OpenSHMEM 2016: Third workshop on OpenSHMEM and Related Technologies.

Steve Oberlin

GPUs, NVLink, and the Dawn of a New SHMEM Golden Age

In the early days of distributed HPC, SHMEM was created to enable efficient direct access by programs to the custom-architecture shared global memory of the first Cray Research MPP, the Cray T3D. In subsequent decades, the commoditization of HPC clusters around standard servers and networks contributed to the dominance of coarse-grain message-passing programming models compatible with their modest communications capabilities. Lacking efficient native GAS platforms, SHMEM applications are in the minority today, and most PGAS implementations are built on top of MPI runtimes and primitives.

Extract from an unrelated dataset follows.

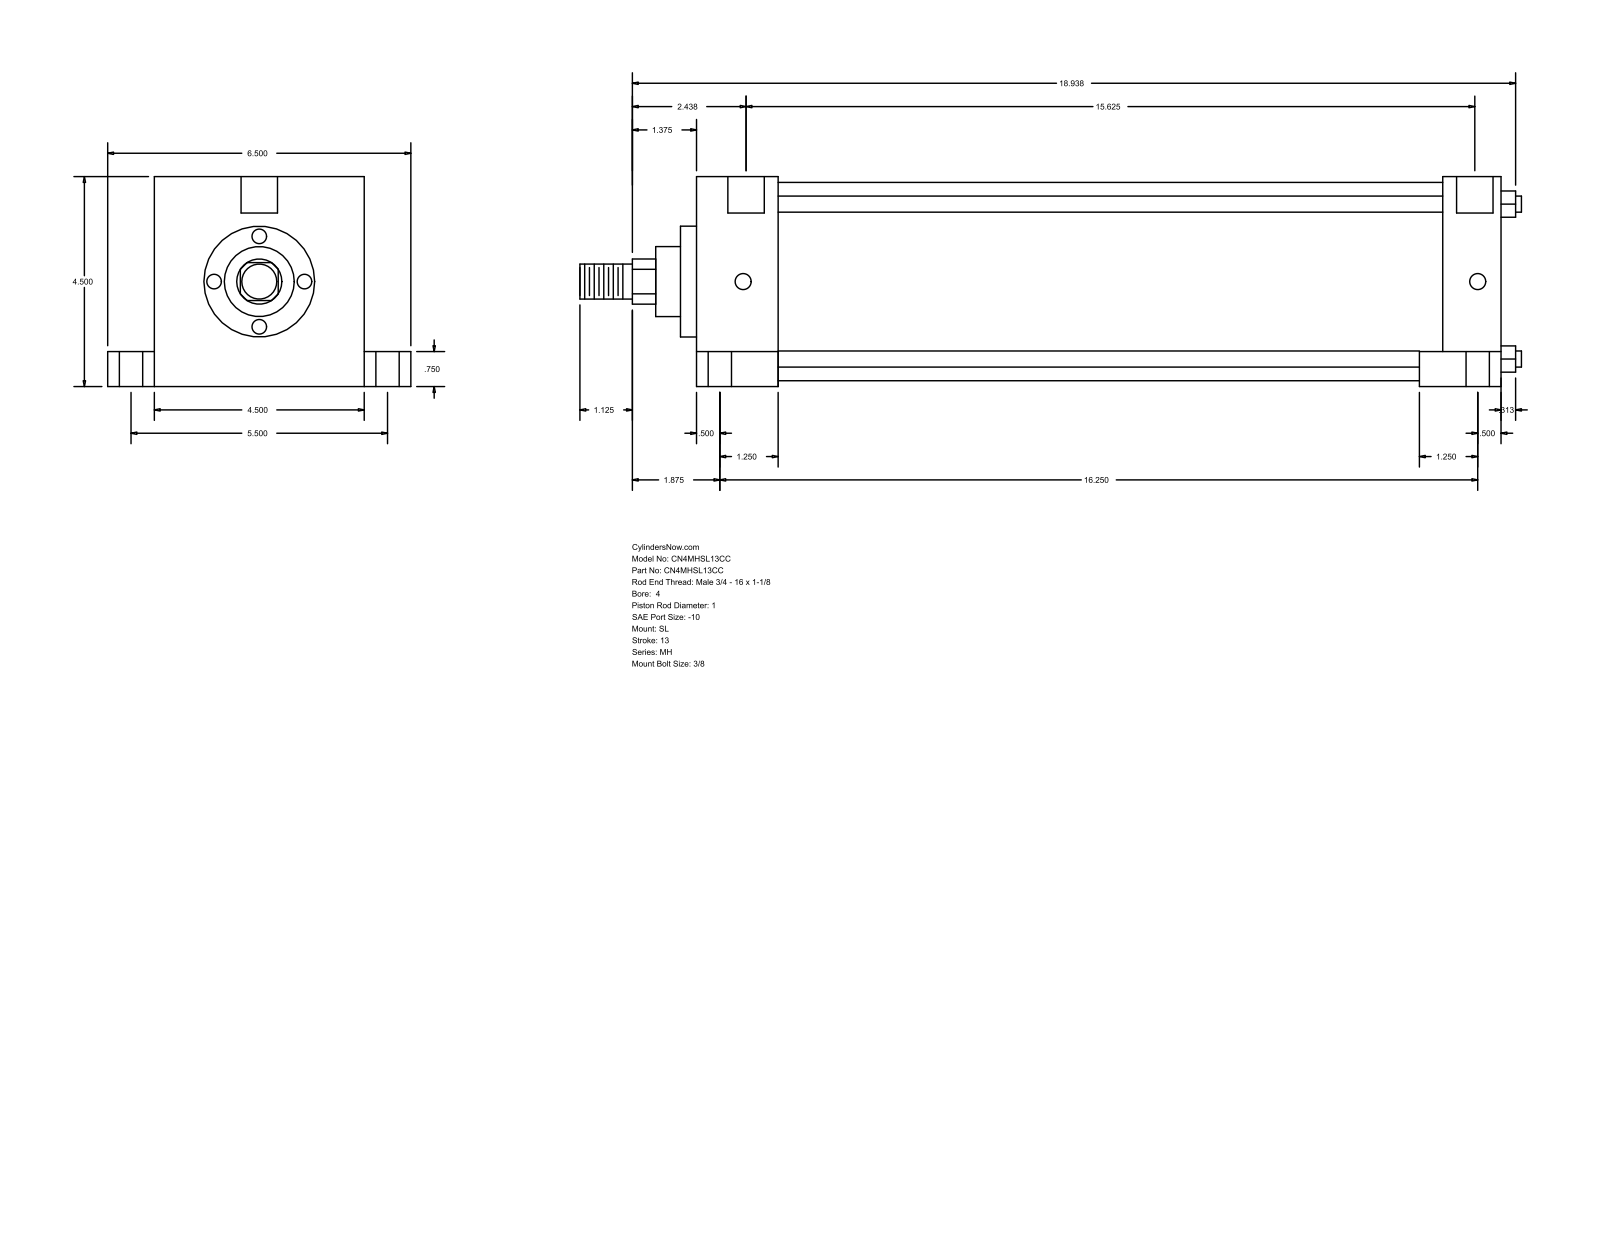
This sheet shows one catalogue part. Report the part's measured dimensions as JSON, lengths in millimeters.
{"part_name": "MH_SL__0400_1", "step_written_by": "GSSL Pune (CONFIG_CONTROL_DESIGN)", "units": "millimeters", "bodies": {"solids": 0, "faces": 110, "planar": 77, "cylindrical": 33, "other": 0}, "overall_size": [512.76, 165.1, 114.3], "round_holes": [[8.73, 4], [12.7, 4], [19.05, 4], [19.84, 2]], "round_bosses_or_shafts": [[8.76, 4], [107.95, 1], [60.33, 1], [38.1, 1], [25.4, 1], [19.05, 1]], "partial_cylinders_radius": [[12.29, 1]], "face_to_face_distances": [114.3, 438.15, 44.46, 393.69, 406.4, 361.94, 31.75, 25.4, 139.7, 19.05], "hole_center_spacings": [69.85, 69.87, 71, 71.3, 139.7, 400.05, 404.55, 406.1]}

Recently, a new, inherently-parallel processor architecture has emerged that offers, for the first time, the possibility of efficient native GAS implementation in high-volume devices. GPUs have evolved from fixed-function scan-line rendering engines into powerful general-purpose parallel coprocessors with unprecedented memory bandwidth, latency-hiding, and fine-grain synchronization capabilities. NVIDIA's latest generation "Pascal" GPU architecture introduces NVLink, a new interconnect interface that extends the GPU memory model across multiple directly-connected processors, enabling native loads/stores/atomics to another device's memory at very high speed with low overhead.

The success of and cost-effectiveness of GPUs has driven performance and productivity in several areas of science and technology, most recently emerging as the de facto platform for the exploding field of machine learning. Native support for global shared memory across multiple NVLink-connected GPUs could herald the arrival of a new golden age of SHMEM adoption and applications growth.

This talk will sparsely review the history of architecture support for GAS and SHMEM in distributed HPC, discuss the necessary elements of HW support for efficient implementations, compare and contrast CPU and GPU microarchitectures and their ability to provide such support, introduce NVLink and Pascal's first implementation of it, and describe early NVLink-connected multi-GPU systems and some initial performance results using NVSHMEM, a native GPU-initiated-communications SHMEM implementation.

Steve Oberlin has been innovating in high-performance computing (HPC) since 1980, when he joined Cray Research bringing up CRAY-1 supercomputers. Career highlights include working for Seymour Cray designing the CRAY-2 and CRAY-3 vector supercomputers, and leading the architecture and design of Cray Research's first massively parallel processors, the T3D (the first SHMEM machine) and T3E.

In the early 21st Century, Steve stepped away from HPC to co-found and lead a couple of cloud computing start-ups, but returned to his first love in 2013, joining NVIDIA as the CTO for Accelerated Computing




James C. Sexton

IBM's Directions for Data Centric Systems.

The last number of years have seen a very significant inflection point in computer systems design to tackle the new complexities which arise in the modeling, simulation and analysis of complex data.  IBM has adopted a direction for future systems design which is data centric in approach and which seeks to develop through co-design solutions that can deliver extreme performance for big data analytics.  This presentation will describe IBM's data centric systems approach and discuss the critical challenge which all emerging systems designs must address to provide a usable portable performance programming approach to systems that are, for technology constraints, complex and heterogeneous in makeup.

Dr. James Sexton is and IBM Fellow and Director of the Data Centric Systems department at IBM T. J. Watson Research Center in New York. Dr. Sexton received his Ph.D. in Theoretical Physics from Columbia University, NY. His areas of interest lie in High Performance Computing, Computational Science, Applied Mathematics and Analytics. Prior to joining IBM, Dr. Sexton held appointments as Lecturer then Professor at Trinity College Dublin, as postdoctoral fellow at IBM T. J. Watson Research Center, at the Institute for Advanced Study at Princeton and at Fermi National Accelerator Laboratory. He has held adjunct appointments as Director and Founder of the Trinity Center for High Performance Computing, as a Board Member for the Board of Trinity College Dublin, as Senior Research Consultant for Hitachi Dublin Laboratory, and as a Hitachi Research Fellow at Hitachi's Central Research Laboratory in Tokyo. Dr. Sexton has over 70 publications and has participated on three separate Gordon Bell Award winning teams.